* **AIM OF THE TASK**:
An exact restatement is required. Cover only the lines of the records from the first through the line with "blk.add_point(p, dxfattribs=at)", and skip pictures.

* **DATASET CONTENT**:
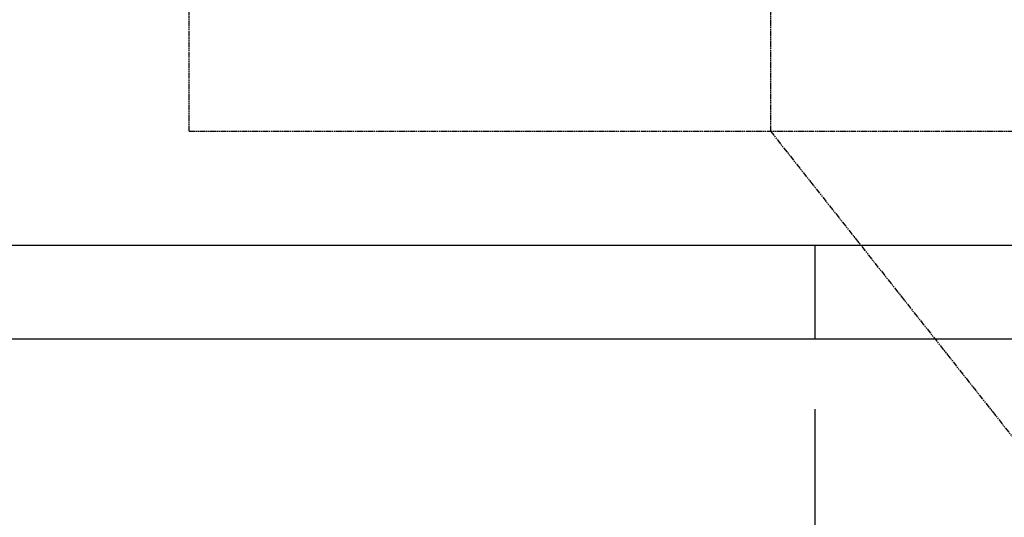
# Model space of a CAD drawing. Header units: millimetres. Extents: x -34725 to 178350, y -13707 to 126150.
# Tile 259 of 272: x 46343 to 48453, y 113330 to 114395. Entities that reach past the tile are written whole.
import ezdxf

# ---------------------------------------------------------------- set-up
doc = ezdxf.new("R2010")
doc.units = ezdxf.units.MM
doc.linetypes.add('AM_ISO09W050', pattern=[22.5, 12, -1.5, 3, -1.5, 3, -1.5])
doc.layers.get('Defpoints').update_dxf_attribs({"linetype": 'CONTINUOUS'})
for name, color, linetype, lineweight in [('AM_11', 3, 'AM_ISO09W050', 25), ('AM_4', 3, 'CONTINUOUS', 25), ('AM_5', 3, 'CONTINUOUS', 25)]:
    doc.layers.add(name, color=color, linetype=linetype, lineweight=lineweight)
doc.styles.get("Standard").update_dxf_attribs({"font": 'isocp.shx'})
doc.dimstyles.new('AM_ISO', dxfattribs={"dimtxt": 3.5, "dimasz": 2.5, "dimexe": 2, "dimexo": 1, "dimgap": 0.6, "dimtad": 1, "dimdsep": 46, "dimtxsty": 'Standard', "dimcen": 0, "dimclrd": 256, "dimclre": 256, "dimclrt": 2, "dimadec": 0, "dimazin": 2, "dimtp": 0.1, "dimtm": 0.1, "dimtfac": 0.71, "dimtmove": 0, "dimatfit": 3, "dimfxl": 1, "dimtfill": 1, "dimtfillclr": 256, "dimlwd": -1, "dimlwe": -1, "dimarcsym": 0})

# ---------------------------------------------------------------- blocks, each defined once
blk = doc.blocks.new('*D81')
at = {"layer": 'AM_5', "transparency": 16777216}
for p, q in [((48046.9, 113561.5), (48046.9, 111658.7)), ((51146.9, 113561.5), (51146.9, 111658.7)), ((48421.9, 111958.7), (50771.9, 111958.7))]:
    blk.add_line(p, q, dxfattribs=at)
for points in [[(48421.9, 112021.2), (48421.9, 111896.2), (48046.9, 111958.7)], [(50771.9, 112021.2), (50771.9, 111896.2), (51146.9, 111958.7)]]:
    blk.add_solid(points, dxfattribs=at)
at = {"layer": 'Defpoints', "color": 0, "transparency": 16777216}
for p in [(48046.9, 113711.5), (51146.9, 113711.5), (51146.9, 111958.7)]:
    blk.add_point(p, dxfattribs=at)
at = {"layer": 'AM_5', "color": 2, "transparency": 16777216, "insert": (49596.9, 112311.2), "char_height": 525, "attachment_point": 5, "bg_fill": 3, "box_fill_scale": 1.1, "bg_fill_color": 256, "bg_fill_true_color": 13158600, "bg_fill_transparency": 0}
blk.add_mtext('3100', dxfattribs=at)

msp = doc.modelspace()

# ---------------------------------------------------------------- linework, layer by layer
at = {"layer": 'AM_11'}
for p, q in [((46706.191, 114156.467), (46706.191, 114506.467)), ((47951.896, 114506.467), (47951.896, 114156.467)), ((46706.191, 114156.467), (48621.896, 114156.467)), ((47951.896, 114156.467), (48541.896, 113411.467))]:
    msp.add_line(p, q, dxfattribs=at)
at = {"layer": 'AM_4'}
for p, q in [((53636.896, 113911.467), (38636.896, 113911.467)), ((53836.896, 113711.467), (38436.896, 113711.467))]:
    msp.add_line(p, q, dxfattribs=at)

# ---------------------------------------------------------------- next in the draw order: dimensions: what is measured, and where the dimension line sits
at = {"layer": 'AM_5'}
dim = msp.add_linear_dim(base=(51146.896, 111958.675), p1=(48046.896, 113711.467), p2=(51146.896, 113711.467), dimstyle='AM_ISO', override={"dimscale": 150}, dxfattribs=at)
dim.commit()
dim.dimension.update_dxf_attribs({"geometry": '*D81', "text_midpoint": (49596.896, 112311.175)})

# ---------------------------------------------------------------- next in the draw order: linework, layer by layer
at = {"layer": 'AM_4'}
msp.add_line((48046.896, 113911.467), (48046.896, 113711.467), dxfattribs=at)

doc.saveas('drawing.dxf')

* **RESPONSE TO THE EXERCISE**:
# Model space of a CAD drawing. Header units: millimetres. Extents: x -34725 to 178350, y -13707 to 126150.
# Tile 259 of 272: x 46343 to 48453, y 113330 to 114395. Entities that reach past the tile are written whole.
import ezdxf

# ---------------------------------------------------------------- set-up
doc = ezdxf.new("R2010")
doc.units = ezdxf.units.MM
doc.linetypes.add('AM_ISO09W050', pattern=[22.5, 12, -1.5, 3, -1.5, 3, -1.5])
doc.layers.get('Defpoints').update_dxf_attribs({"linetype": 'CONTINUOUS'})
for name, color, linetype, lineweight in [('AM_11', 3, 'AM_ISO09W050', 25), ('AM_4', 3, 'CONTINUOUS', 25), ('AM_5', 3, 'CONTINUOUS', 25)]:
    doc.layers.add(name, color=color, linetype=linetype, lineweight=lineweight)
doc.styles.get("Standard").update_dxf_attribs({"font": 'isocp.shx'})
doc.dimstyles.new('AM_ISO', dxfattribs={"dimtxt": 3.5, "dimasz": 2.5, "dimexe": 2, "dimexo": 1, "dimgap": 0.6, "dimtad": 1, "dimdsep": 46, "dimtxsty": 'Standard', "dimcen": 0, "dimclrd": 256, "dimclre": 256, "dimclrt": 2, "dimadec": 0, "dimazin": 2, "dimtp": 0.1, "dimtm": 0.1, "dimtfac": 0.71, "dimtmove": 0, "dimatfit": 3, "dimfxl": 1, "dimtfill": 1, "dimtfillclr": 256, "dimlwd": -1, "dimlwe": -1, "dimarcsym": 0})

# ---------------------------------------------------------------- blocks, each defined once
blk = doc.blocks.new('*D81')
at = {"layer": 'AM_5', "transparency": 16777216}
for p, q in [((48046.9, 113561.5), (48046.9, 111658.7)), ((51146.9, 113561.5), (51146.9, 111658.7)), ((48421.9, 111958.7), (50771.9, 111958.7))]:
    blk.add_line(p, q, dxfattribs=at)
for points in [[(48421.9, 112021.2), (48421.9, 111896.2), (48046.9, 111958.7)], [(50771.9, 112021.2), (50771.9, 111896.2), (51146.9, 111958.7)]]:
    blk.add_solid(points, dxfattribs=at)
at = {"layer": 'Defpoints', "color": 0, "transparency": 16777216}
for p in [(48046.9, 113711.5), (51146.9, 113711.5), (51146.9, 111958.7)]:
    blk.add_point(p, dxfattribs=at)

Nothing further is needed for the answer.